So, I see my wife got to you too, huh? Man, she must _really_ dislike that tail.....  


.....either that, or it was _NEAL_ ! Yeah, he's _always_ babbling about how he wants to use it as a scent drag and lay down a trail with it.....yeah, it must have been Neal..... :xzicon_sm


----------



## Mike Rathnow (Jun 29, 2004)

Too bad not more people could attend. It was a great time and met some good people. Won't make it tonight, personal reasons, but will definitly be at the next one. And as for Buddahbelly, Well Tim, I'll be good this time....LOL


----------



## MUSHY1 (Mar 16, 2004)

Hey Mike R., keep Simcoe in the back of your head for this Winter Dillys. Gotta go smash some Slob Perch!!!!!! :corkysm55 

Mushy1


----------



## Mike Rathnow (Jun 29, 2004)

Mushy1;

Lake Simco must be tatooed to my brain. Talking to ya last night made it all the worst. When I got home I went down the basement and checked on all my jigging raps, and K-hooks. went out today and bought all new line for my reels, and replaced it all.

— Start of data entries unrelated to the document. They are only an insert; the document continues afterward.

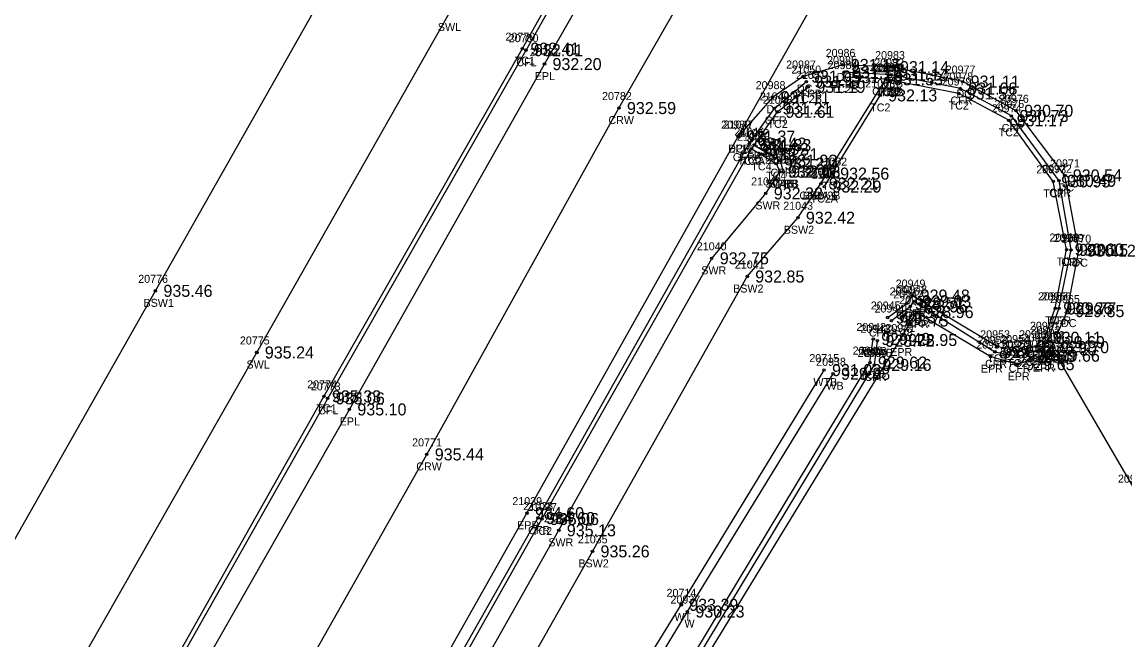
# Model space of a CAD drawing. Extents: x 1576181 to 1577685, y 1099396 to 1101490.
# Drawn here: x 1576648.9 to 1576786.7, y 1100049.3 to 1100126.4 of the extents above; entities that cross this region are included whole.
import ezdxf

# ---------------------------------------------------------------- set-up
doc = ezdxf.new("R2010")
doc.units = 0
for name, color, linetype in [('RD_DTM_BkLn1', 7, 'Continuous'), ('RD_DTM_BkLn2', 7, 'Continuous'), ('RD_EX_BldgApp', 7, 'Continuous'), ('RD_EX_Conc', 7, 'Continuous'), ('RD_EX_Conc_txCode', 7, 'Continuous'), ('RD_EX_Misc_txCode', 7, 'Continuous'), ('RD_EX_Road', 7, 'Continuous'), ('RD_EX_Road_txCode', 7, 'Continuous'), ('RD_EX_TX_Conc_ELEV', 7, 'Continuous'), ('RD_EX_TX_Misc_ELEV', 7, 'Continuous'), ('RD_EX_TX_Road_ELEV', 7, 'Continuous'), ('RD_HC_Survey_ELEV', 7, 'Continuous'), ('RD_HC_Survey_txCode', 7, 'Continuous'), ('RD_SMD_Locator', 7, 'Continuous')]:
    doc.layers.add(name, color=color, linetype=linetype)

msp = doc.modelspace()

# ---------------------------------------------------------------- linework, layer by layer
at = {"layer": 'RD_DTM_BkLn1'}
msp.add_lwpolyline([(1576435.96, 1099635.47), (1576469.98, 1099685.91), (1576496.51, 1099728.46), (1576522.67, 1099770.85), (1576549.06, 1099813.4), (1576563.36, 1099837.2), (1576575.09, 1099855.95), (1576600.75, 1099898.96), (1576625.57, 1099942.14), (1576652.37, 1099988.91), (1576675.03, 1100029.12), (1576699.51, 1100072.44), (1576723.52, 1100115.7), (1576748.08, 1100158.53), (1576774.13, 1100203.85), (1576797.97, 1100246.52), (1576822.46, 1100289.82), (1576846.93, 1100333.35), (1576871.37, 1100376.46), (1576888.27, 1100406.22)], dxfattribs=at)
at = {"layer": 'RD_DTM_BkLn2'}
for points in [[(1576569.71, 1099889.13), (1576574.56, 1099891.34), (1576579.27, 1099894.47), (1576584.19, 1099899.55), (1576592.25, 1099913.59), (1576612.84, 1099949.87), (1576637.54, 1099993.05), (1576637.54, 1099993.05), (1576662.19, 1100036.34), (1576686.67, 1100079.69), (1576711.46, 1100123.12), (1576735.92, 1100166.59), (1576760.76, 1100210.19), (1576785.21, 1100253.55), (1576809.13, 1100296.43), (1576833.85, 1100340.61), (1576852.06, 1100373.52), (1576858.66, 1100385.37)], [(1576749.19, 1100105.9), (1576750.16, 1100107.51), (1576756.16, 1100117.28), (1576757.41, 1100119.17)], [(1576757.11, 1100089.54), (1576759.48, 1100091.3), (1576760.22, 1100092.28), (1576770.78, 1100085.94), (1576773.28, 1100085.35), (1576775.63, 1100085.95), (1576776.72, 1100087.01), (1576778.03, 1100090.69), (1576779.46, 1100098.03), (1576777.79, 1100106.54), (1576772.22, 1100114.17), (1576765.97, 1100117.52), (1576757.41, 1100119.17), (1576756.86, 1100119.29), (1576751.73, 1100119.57)], [(1576665.05, 1099978.47), (1576689.17, 1100020.51), (1576713.89, 1100064.37), (1576740.09, 1100110.61), (1576743.33, 1100115.23), (1576747.19, 1100118.34)], [(1576740.09, 1100110.61), (1576741.31, 1100109.92), (1576743.17, 1100108.76), (1576743.62, 1100107.75)], [(1576691.33, 1099981.62), (1576693.77, 1099982.83), (1576694.95, 1099984.59), (1576706.06, 1099977.71), (1576709.96, 1099976.95), (1576712.68, 1099979.05), (1576716.84, 1099986.32), (1576717.28, 1099989.03), (1576715.05, 1099991.93), (1576703.59, 1099998.96), (1576727.24, 1100038.12), (1576754.88, 1100083.91), (1576755.29, 1100086.86)], [(1576682.86, 1099868.56), (1576662.28, 1099880.96), (1576644.68, 1099891.53), (1576640.03, 1099896.91), (1576640.01, 1099902.65), (1576645.38, 1099914.36), (1576654.84, 1099929.02), (1576680.05, 1099970.19), (1576705.64, 1100012.05), (1576731.3, 1100053.65), (1576749.15, 1100082.97)]]:
    msp.add_lwpolyline(points, dxfattribs=at)
at = {"layer": 'RD_EX_BldgApp'}
msp.add_lwpolyline([(1576672.29, 1099877.61), (1576646.3, 1099893.42), (1576642.27, 1099901.79), (1576647.56, 1099912.99), (1576656.83, 1099928.62), (1576681.63, 1099969.33), (1576707.3, 1100011.85), (1576732.08, 1100052.81), (1576750.28, 1100082.51)], dxfattribs=at)
at = {"layer": 'RD_EX_Conc'}
msp.add_line((1576748.75, 1100106.27), (1576756.86, 1100119.29), dxfattribs=at)
for points in [[(1576537.53, 1099904.47), (1576543.86, 1099909.52), (1576562.16, 1099910.99), (1576591.51, 1099962.44), (1576615.66, 1100005.02), (1576615.66, 1100005.02), (1576639.95, 1100047.65), (1576665.61, 1100092.87), (1576689.57, 1100135.17), (1576714.68, 1100179.66), (1576738.99, 1100222.53), (1576763.6, 1100265.87), (1576774.84, 1100284.48), (1576788.69, 1100308.17), (1576806.14, 1100353.34), (1576815.02, 1100384.28), (1576820.35, 1100399.92), (1576825.22, 1100406.93), (1576832.15, 1100418.17), (1576835.04, 1100423.11), (1576847.13, 1100416.35), (1576868.44, 1100408.23), (1576872.09, 1100412.69)], [(1576592.25, 1099913.59), (1576580.2, 1099912.49), (1576604.17, 1099954.86), (1576628.85, 1099997.89), (1576628.85, 1099997.89), (1576652.81, 1100040.47), (1576678.28, 1100085.17), (1576702.19, 1100127.32), (1576727.43, 1100172.04), (1576752.1, 1100215.39), (1576776.49, 1100258.76), (1576788, 1100277.34), (1576801.96, 1100301.42), (1576820.18, 1100348.3), (1576829.19, 1100379.59), (1576833.87, 1100393.41), (1576838.32, 1100402.43), (1576861.82, 1100391.11)], [(1576569.87, 1099888.69), (1576574.84, 1099890.86), (1576574.84, 1099890.86), (1576579.65, 1099894.15), (1576584.72, 1099899.29), (1576592.68, 1099913.3), (1576613.45, 1099949.72), (1576638.02, 1099992.78), (1576638.02, 1099992.78), (1576662.6, 1100036.05), (1576687.14, 1100079.44), (1576711.91, 1100122.93), (1576736.42, 1100166.35), (1576761.24, 1100209.96), (1576785.67, 1100253.17), (1576809.57, 1100296.25), (1576834.31, 1100340.56), (1576852.46, 1100373.22), (1576852.46, 1100373.22), (1576859.24, 1100385.1)], [(1576788.06, 1100067.91), (1576777.62, 1100085.83), (1576779.54, 1100090.34), (1576780.97, 1100097.89), (1576779.23, 1100107.29), (1576773.15, 1100115.36), (1576766.47, 1100119.01), (1576757.64, 1100120.82), (1576751.5, 1100121.09), (1576746.53, 1100119.64), (1576742.73, 1100117.06), (1576738.42, 1100112.14)], [(1576757.57, 1100089.16), (1576759.92, 1100090.92), (1576760.41, 1100091.57), (1576770.49, 1100085.25), (1576773.43, 1100084.71), (1576776.08, 1100085.54), (1576777.11, 1100086.46), (1576778.5, 1100090.67), (1576780.01, 1100097.98), (1576778.51, 1100106.62), (1576772.56, 1100114.71), (1576766.18, 1100118.14), (1576757.54, 1100119.87), (1576751.65, 1100120.18)], [(1576664.48, 1099978.73), (1576688.59, 1100020.79), (1576713.4, 1100064.49), (1576739.81, 1100111.26), (1576742.95, 1100115.66), (1576746.94, 1100119.01)], [(1576740.42, 1100111.07), (1576743.68, 1100109.13), (1576744.06, 1100107.76)], [(1576604.88, 1099870.26), (1576606.18, 1099869.97), (1576617.18, 1099889.59), (1576642.12, 1099933.62), (1576667.46, 1099977.42), (1576667.46, 1099977.42), (1576691.07, 1100018.79), (1576716.01, 1100062.96), (1576735.12, 1100096.93), (1576741.87, 1100105.04), (1576743.62, 1100107.75)], [(1576611.55, 1099868.43), (1576613.25, 1099872.41), (1576617.21, 1099879.29), (1576621.44, 1099887.05), (1576646.34, 1099930.82), (1576671.48, 1099974.6), (1576671.48, 1099974.6), (1576695.54, 1100016.68), (1576720.22, 1100060.33), (1576739.55, 1100094.66), (1576745.88, 1100102), (1576748.75, 1100106.27)], [(1576691.74, 1099981.25), (1576694.2, 1099982.62), (1576695.12, 1099983.85), (1576705.73, 1099977.15), (1576710.01, 1099976.47), (1576713.24, 1099978.71), (1576717.29, 1099985.96), (1576717.77, 1099989.3), (1576715.19, 1099992.27), (1576704.3, 1099999.11), (1576727.81, 1100037.82), (1576755.44, 1100083.61), (1576755.82, 1100086.63)]]:
    msp.add_lwpolyline(points, dxfattribs=at)
at = {"layer": 'RD_EX_Road'}
for points in [[(1576574.84, 1099890.86), (1576581.17, 1099887.16), (1576595.39, 1099911.97), (1576615.87, 1099948.17), (1576640.56, 1099991.4), (1576640.56, 1099991.4), (1576664.88, 1100034.19), (1576689.84, 1100078.06), (1576714.22, 1100121.19), (1576739.08, 1100164.66), (1576764.15, 1100209.11), (1576788.31, 1100251.8), (1576812.15, 1100294.46), (1576837.06, 1100339.37), (1576855.38, 1100371.53), (1576853.98, 1100372.48), (1576862.98, 1100388.86), (1576865.16, 1100391.95), (1576873.15, 1100402.8), (1576877.45, 1100410.32)], [(1576663.31, 1099979.53), (1576687.43, 1100021.53), (1576712.03, 1100065.1), (1576738.42, 1100112.14), (1576760.61, 1100151.41), (1576785.78, 1100195.96), (1576800.59, 1100221.87), (1576817.54, 1100252.08), (1576858.25, 1100324.63), (1576880.45, 1100364.01), (1576883.5, 1100369.45), (1576896.98, 1100397.71)], [(1576683.42, 1099888.98), (1576666.06, 1099899.54), (1576667.21, 1099902.21), (1576666.94, 1099905.87), (1576664.42, 1099908.53), (1576653.81, 1099914.11), (1576693.12, 1099978.42), (1576695.37, 1099982.47), (1576705.19, 1099976.43), (1576710.33, 1099975.62), (1576713.96, 1099978.17), (1576718.08, 1099985.44), (1576718.51, 1099989.55), (1576715.55, 1099993.27), (1576705.56, 1099999.56), (1576728.51, 1100037.37), (1576758.65, 1100086.73), (1576760.7, 1100090.22), (1576769.98, 1100084.65), (1576773.31, 1100083.71), (1576776.47, 1100084.77), (1576777.62, 1100085.83)]]:
    msp.add_lwpolyline(points, dxfattribs=at)
at = {"layer": 'RD_SMD_Locator'}
for centre in [(1576711.46, 1100123.12), (1576711.91, 1100122.93), (1576714.22, 1100121.19), (1576751.5, 1100121.09), (1576751.65, 1100120.18), (1576757.54, 1100119.87), (1576757.64, 1100120.82), (1576746.53, 1100119.64), (1576746.94, 1100119.01), (1576747.19, 1100118.34), (1576751.73, 1100119.57), (1576756.86, 1100119.29), (1576756.86, 1100119.29), (1576757.41, 1100119.17), (1576757.41, 1100119.17), (1576766.47, 1100119.01), (1576742.73, 1100117.06), (1576756.16, 1100117.28), (1576765.97, 1100117.52), (1576766.18, 1100118.14), (1576723.52, 1100115.7), (1576742.95, 1100115.66), (1576743.33, 1100115.23), (1576772.56, 1100114.71), (1576773.15, 1100115.36), (1576772.22, 1100114.17), (1576738.42, 1100112.14), (1576738.42, 1100112.14), (1576739.81, 1100111.26), (1576740.09, 1100110.61), (1576740.09, 1100110.61), (1576740.42, 1100111.07), (1576741.31, 1100109.92), (1576743.17, 1100108.76), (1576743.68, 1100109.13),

Got the augers all sharpened and ready to go I never done this in August before....LOL I'm ready to go now.


----------



## Mags (Apr 10, 2002)

No amount of money or anything else could do harm to the PrtyMolusk........you see, he's protected by "THE FORCE"! Any attempt to jeopardize it would lead to your worst nightmare multiplied exponentially and lasting onto your family eternally! NOT A PRETTY PICTURE! :yikes:


----------



## Mike Rathnow (Jun 29, 2004)

3 different time's to cut off that scent drag. Les was just too quick for me...LOL


----------



## PrtyMolusk (Aug 13, 2000)

Mike Rathnow said:


> 3 different time's to cut off that scent drag. Les was just too quick for me...LOL


Howdy, Mike-

It's my sixth sense.....or is that 'sick' sense.....??


----------



## buddhabelly (Jan 19, 2003)

Did I hear Lake Simcoe? Possibly a Lake Simcoe outing? I'm in if someone wants to plan it!


----------